Required work
Retrieve all lines below that have the string "styles".

Exercise inputs
========

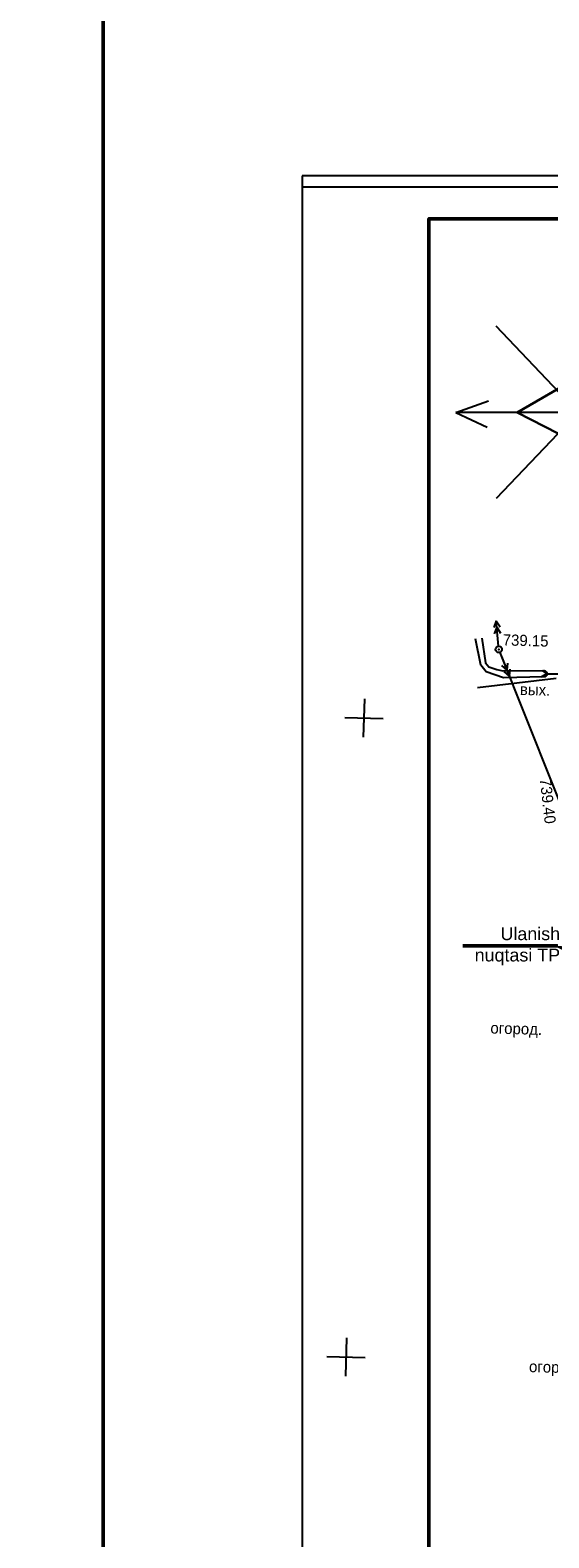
# Model space of a CAD drawing. Header units: millimetres. Extents: x -257011 to 237647566, y 2784933 to 6706507.
# Tile 248 of 256: x 10170227 to 10210762, y 4953214 to 5071111. Entities that reach past the tile are written whole.
import ezdxf

# ---------------------------------------------------------------- set-up
doc = ezdxf.new("R2010")
doc.units = ezdxf.units.MM
doc.header["$LTSCALE"] = 1000
doc.header["$PDMODE"] = 32
doc.header["$PDSIZE"] = 0.3
doc.linetypes.add('Д_ТРОТ_ТРУБА', pattern=[3, 1.5, -1.5])
doc.linetypes.add('РА_КОНТУРЫ', pattern=[1.5, 0, -1.5])
for name, color, linetype in [('(001) Сетка', 92, 'Continuous'), ('(002) Рамка', 7, 'Continuous'), ('(004) Точки рельефа', 7, 'Continuous'), ('(013) Газопровод', 30, 'ИК_Газопровод -------г--------'), ('(022) Возд. Линии', 7, 'Continuous'), ('(027) Гидрография', 7, 'Continuous'), ('(028) Гидротехн.', 7, 'Continuous'), ('(037) Контуры', 7, 'Continuous'), ('Слой1', 1, 'Continuous')]:
    doc.layers.add(name, color=color, linetype=linetype)
doc.layers.add('Ф А С А Д', color=250, linetype='Continuous', lineweight=15)
doc.styles.add('BM-431', font='txt')
doc.styles.add('D-431', font='txt', dxfattribs={"width": 2})
doc.styles.add('Roman', font='romans')
doc.styles.get("Standard").update_dxf_attribs({"font": 'ARIALN.TTF'})
doc.styles.add('WMF-Times New Roman0', font='times.ttf')
doc.linetypes.add('ИК_Воздушка ------- --------', pattern='A,9,-0.6,["Z",Standard,S=1.2,R=70,X=0.6,Y=-0.65],-1', length=10.6)
doc.linetypes.add('ИК_Газопровод -------г--------', pattern='A,9,-0.6,["Г",Standard,S=1.2,R=0,X=0,Y=-0.6],-1.2', length=10.8)

# ---------------------------------------------------------------- blocks, each defined once
blk = doc.blocks.new('dhyjfyuk')
at = {"style": 'WMF-Times New Roman0'}
for s, insert, char_height, width, attachment_point in [('\\pi3453.25486;Samarqand viloyati Toyloq tumani "Хоnсhоrbоg\'" МFY dagi 11-son \\P\\pi1816.32378;maktabni rekonstruksiya qilish. (360 o\'quvchi o\'rinli qo\'shimcha bino \\P\\pi27327.21058;qurish).', (4414694, -1193420), 1400, 60812.6, 4), ('\\pi12888.864;{\\fTimes New Roman|b1|i0|c204|p18;\\C0;MCHJ\\P\\pi2815.884;"PARVIZ  PROEKT  SERVIS"\\P\\pi9383.364;Samarqand sh.\\C256; }', (4448452, -1205594), 1200, 29788.7, 1)]:
    blk.add_mtext(s, dxfattribs=dict(at, insert=insert, char_height=char_height, width=width, attachment_point=attachment_point))
blk = doc.blocks.new('strela1')
at = {"layer": '(022) Возд. Линии'}
for p, q in [((-2, 0), (-1.5, 0.25)), ((0, 0), (-2, 0)), ((-2, 0), (-1.5, -0.25)), ((-1.5, 0), (-1, 0.25)), ((-1.5, 0), (-1, -0.25))]:
    blk.add_line(p, q, dxfattribs=at)
blk = doc.blocks.new('strela2')
at = {"layer": '(022) Возд. Линии'}
for p, q in [((0, 0), (2, 0)), ((1.5, 0), (1, 0.25)), ((1.5, 0), (1, -0.25)), ((2, 0), (1.5, 0.25)), ((2, 0), (1.5, -0.25))]:
    blk.add_line(p, q, dxfattribs=at)
blk = doc.blocks.new('*U1753')
at = {"layer": '(022) Возд. Линии'}
for name, p, rotation in [('strela2', (-0.03, 0.25), 96.47992713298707), ('strela1', (0.1, -0.23), 113.3250230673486)]:
    blk.add_blockref(name, p, dxfattribs=dict(at, rotation=rotation))
blk = doc.blocks.new('STOLB')
at = {"layer": '(022) Возд. Линии'}
blk.add_circle((0, 0), 0.25, dxfattribs=at)
blk = doc.blocks.new('Setka')
at = {"layer": '(001) Сетка'}
for p, q in [((0, 1.5), (0, -1.5)), ((-1.5, 0), (1.5, 0))]:
    blk.add_line(p, q, dxfattribs=at)
blk = doc.blocks.new('kjvklglhl')
at = {"layer": '(004) Точки рельефа'}
blk.add_point((250.21, 530.46), dxfattribs=at)
at = {"layer": '(013) Газопровод', "linetype": 'ИК_Воздушка ------- --------', "ltscale": 0.5, "flags": 128}
blk.add_lwpolyline([(248.63, 527.44), (254.75, 528.33)], dxfattribs=at)
at = {"layer": '(022) Возд. Линии', "color": 1}
blk.add_lwpolyline([(250.31, 530.23), (261.32, 504.71), (269.52, 457.39), (280.83, 410.67), (321.95, 409.43), (327.39, 409.27)], dxfattribs=at)
at = {"layer": '(027) Гидрография', "color": 3}
blk.add_lwpolyline([(248.86, 531.29), (249.19, 529.37), (249.48, 529.08), (250.09, 528.89), (250.57, 528.79), (253.74, 528.9, -1.1678), (253.74, 528.41), (250.64, 528.26), (249.28, 528.68), (248.84, 529.19), (248.38, 531.24)], format="xyb", dxfattribs=at)
at = {"layer": '(028) Гидротехн.', "linetype": 'Д_ТРОТ_ТРУБА', "flags": 128}
blk.add_lwpolyline([(253.63, 528.9), (254.02, 528.66), (253.61, 528.41), (254.02, 528.65), (261.44, 528.89), (261.94, 529.46), (261.44, 528.89), (262.15, 528.66)], dxfattribs=at)
at = {"layer": '(037) Контуры', "linetype": 'РА_КОНТУРЫ', "flags": 128}
blk.add_lwpolyline([(258.07, 462.45), (261.26, 462.45), (261.56, 462.8), (261.56, 463.36), (254.81, 507.1), (253.69, 509.06), (251.96, 510.3), (250.15, 510.72), (247.7, 510.72)], dxfattribs=at)
at = {"layer": '(001) Сетка'}
for p in [(239.82, 524.81), (239.82, 474.81)]:
    blk.add_blockref('Setka', p, dxfattribs=at)
at = {"layer": '(022) Возд. Линии'}
for name in ['*U1753', 'STOLB']:
    blk.add_blockref(name, (250.21, 530.46), dxfattribs=at)
at = {"layer": '(004) Точки рельефа', "style": 'D-431'}
blk.add_text('739.15', height=0.875, dxfattribs=at).set_placement((250.5, 530.78))
blk.add_text('739.40', height=0.875, rotation=278.1155, dxfattribs=at).set_placement((253.69, 520.43))
at = {"layer": '(013) Газопровод', "color": 0, "linetype": 'Continuous', "style": 'BM-431'}
blk.add_text('вых.', height=0.875, dxfattribs=at).set_placement((251.95, 526.95))
at = {"layer": '(037) Контуры', "color": 0, "linetype": 'ByBlock', "style": 'BM-431'}
for p in [(250.39, 500.42), (254.15, 474.04)]:
    blk.add_text('огород.', height=0.875, dxfattribs=at).set_placement(p)
blk = doc.blocks.new('вкпвера')
at = {"lineweight": 30}
blk.add_lwpolyline([(10210745.6, 5709767), (10210596.3, 5709681.1), (10210696.7, 5709629.8), (10210745.6, 5709629.8), (10211004.1, 5709452.6), (10211073.7, 5709695.1), (10210745.6, 5709767)], dxfattribs=at)
at = {"layer": 'Слой1'}
for p, q in [((10210745.6, 5709979.8), (10210709.9, 5709903.7)), ((10210745.6, 5709681.1), (10210745.6, 5709979.8)), ((10210745.6, 5709979.8), (10210773.5, 5709900.5)), ((10210745.6, 5709681.1), (10210545.3, 5709891.7)), ((10210745.6, 5709681.1), (10210946, 5709891.7)), ((10210446.9, 5709681.1), (10210526.3, 5709709.1)), ((10211113.3, 5709681.1), (10211034, 5709709.1)), ((10210745.6, 5709681.1), (10210446.9, 5709681.1)), ((10210446.9, 5709681.1), (10210523.1, 5709645.4)), ((10210745.6, 5709681.1), (10210545.3, 5709470.6)), ((10210745.6, 5709681.1), (10211113.3, 5709681.1)), ((10210745.6, 5709681.1), (10210745.6, 5709382.4)), ((10210745.6, 5709681.1), (10211070.2, 5709394.2)), ((10211113.3, 5709681.1), (10211037.2, 5709645.4)), ((10210745.6, 5709382.4), (10210709.9, 5709458.6)), ((10210745.6, 5709382.4), (10210773.5, 5709461.8))]:
    blk.add_line(p, q, dxfattribs=at)
at = {"lineweight": 9, "insert": (10210773.7, 5710084.3), "char_height": 100, "width": 99.5, "attachment_point": 1}
blk.add_mtext('{\\fArial|b0|i0|c204|p34;С}', dxfattribs=at)

msp = doc.modelspace()

# ---------------------------------------------------------------- linework, layer by layer
at = {"color": 1, "lineweight": 50, "ltscale": 1000}
msp.add_lwpolyline([(10175930.92, 6551317.495), (10501831.747, 6551317.495), (10501831.747, 4597003.103), (10175930.92, 4597003.103)], close=True, dxfattribs=at)
at = {"color": 5}
msp.add_lwpolyline([(10191472.083, 4850610.986), (10485941.78, 4850610.986), (10485941.78, 5058843.129), (10191472.083, 5058843.129)], close=True, dxfattribs=at)
at = {"lineweight": 50, "ltscale": 1000}
msp.add_lwpolyline([(10217228.894, 4996635.957), (10211428.51, 4999507.503), (10204035.655, 4999507.503)], dxfattribs=at)
at = {"layer": 'Defpoints', "color": 4}
msp.add_lwpolyline([(10191472.083, 5059727.057), (10191472.083, 4849727.057), (10339972.083, 4849727.057), (10339972.083, 5059727.057)], close=True, dxfattribs=at)
at = {"layer": 'Ф А С А Д', "color": 5, "lineweight": 50}
msp.add_lwpolyline([(10201387.899, 4853089.94), (10483462.826, 4853089.94), (10483462.826, 5056364.175), (10201387.899, 5056364.175)], close=True, dxfattribs=at)

# ---------------------------------------------------------------- block references
at = {"layer": '(002) Рамка', "lineweight": 50, "xscale": 0.1999999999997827, "yscale": 0.1999999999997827, "zscale": 0.1999999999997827}
for p in [(8829980.357, 5306123.681, 0), (8883816.224, 5306123.681, 0)]:
    msp.add_blockref('dhyjfyuk', p, dxfattribs=at)
at = {"layer": '(002) Рамка', "lineweight": 50}
msp.add_blockref('dhyjfyuk', (5014770.138, 6183516.362), dxfattribs=at)
at = {"lineweight": 50, "xscale": 32.04162763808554, "yscale": 32.04162763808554, "zscale": 32.04162763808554}
msp.add_blockref('вкпвера', (-316955845.521, -177906252.866), dxfattribs=at)
at = {"lineweight": 5, "xscale": 999.9999999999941, "yscale": 999.9999999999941, "zscale": 999.9999999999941, "rotation": 358.3893224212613}
msp.add_blockref('kjvklglhl', (9941829.75, 4499471.197), dxfattribs=at)

# ---------------------------------------------------------------- texts
at = {"color": 7, "lineweight": 30, "char_height": 939.4258, "attachment_point": 1}
for s, insert, width in [('\\pi2351.83787;{\\fTimes New Roman|b0|i0|c204|p18;\\C256;Qurilish         \\P\\pi2708.16847;  hajmi\\P\\pi3422.97631;   m³}', (9274450.095, 5036394.889), 8914.89017), ('\\pi548.6967;{\\fTimes New Roman|b0|i0|c204|p18;\\C256;Umumiy\\P\\pi602.54266;maydoni \\P\\pi2155.2706;m2}', (9269031.558, 5034418.7), 6013.9701)]:
    msp.add_mtext(s, dxfattribs=dict(at, insert=insert, width=width))
at = {"color": 250, "insert": (10211642.643, 4999468.862), "char_height": 1000, "width": 7127.04383, "attachment_point": 6, "style": 'Roman'}
msp.add_mtext('\\pt43000;{\\fArial|b0|i0|c0|p34;Ulanish \\Pnuqtasi TP}', dxfattribs=at)
at = {"insert": (9196732.232, 4979046.798), "char_height": 1484.641859, "width": 79822.57247, "attachment_point": 4, "style": 'Roman'}
msp.add_mtext('\\pi18148.64809,t23754.26974,93492.78231;{\\fArial|b0|i0|c0|p34;2.^I \\fArial|b0|i0|c204|p34;Qurilish belgilangan "A" nuqtasidan amalga oshiriladi.}', dxfattribs=at)

doc.saveas('drawing.dxf')

========

Expected answer
doc.styles.add('BM-431', font='txt')
doc.styles.add('D-431', font='txt', dxfattribs={"width": 2})
doc.styles.add('Roman', font='romans')
doc.styles.get("Standard").update_dxf_attribs({"font": 'ARIALN.TTF'})
doc.styles.add('WMF-Times New Roman0', font='times.ttf')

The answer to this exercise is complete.